* _SUPPLIED ENTRIES_:
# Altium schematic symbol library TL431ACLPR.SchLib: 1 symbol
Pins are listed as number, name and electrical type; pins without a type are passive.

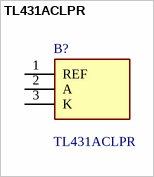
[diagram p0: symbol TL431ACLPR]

## TL431ACLPR
designator B?
1% Accuracy Adjustable Precision Shunt Regulator; Manufacturer_Name: Texas Instruments; Geometry.Height: 5.34mm
footprint TL431ACLPR
pins: 1 REF, 2 A, 3 K

* _WHAT YOU HAVE TO DO_: The pictures in the listing above are to be dropped, and everything else reproduced exactly.

* _ANSWER SECTION_:
# Altium schematic symbol library TL431ACLPR.SchLib: 1 symbol
Pins are listed as number, name and electrical type; pins without a type are passive.

[diagram p0: symbol TL431ACLPR]

## TL431ACLPR
designator B?
1% Accuracy Adjustable Precision Shunt Regulator; Manufacturer_Name: Texas Instruments; Geometry.Height: 5.34mm
footprint TL431ACLPR
pins: 1 REF, 2 A, 3 K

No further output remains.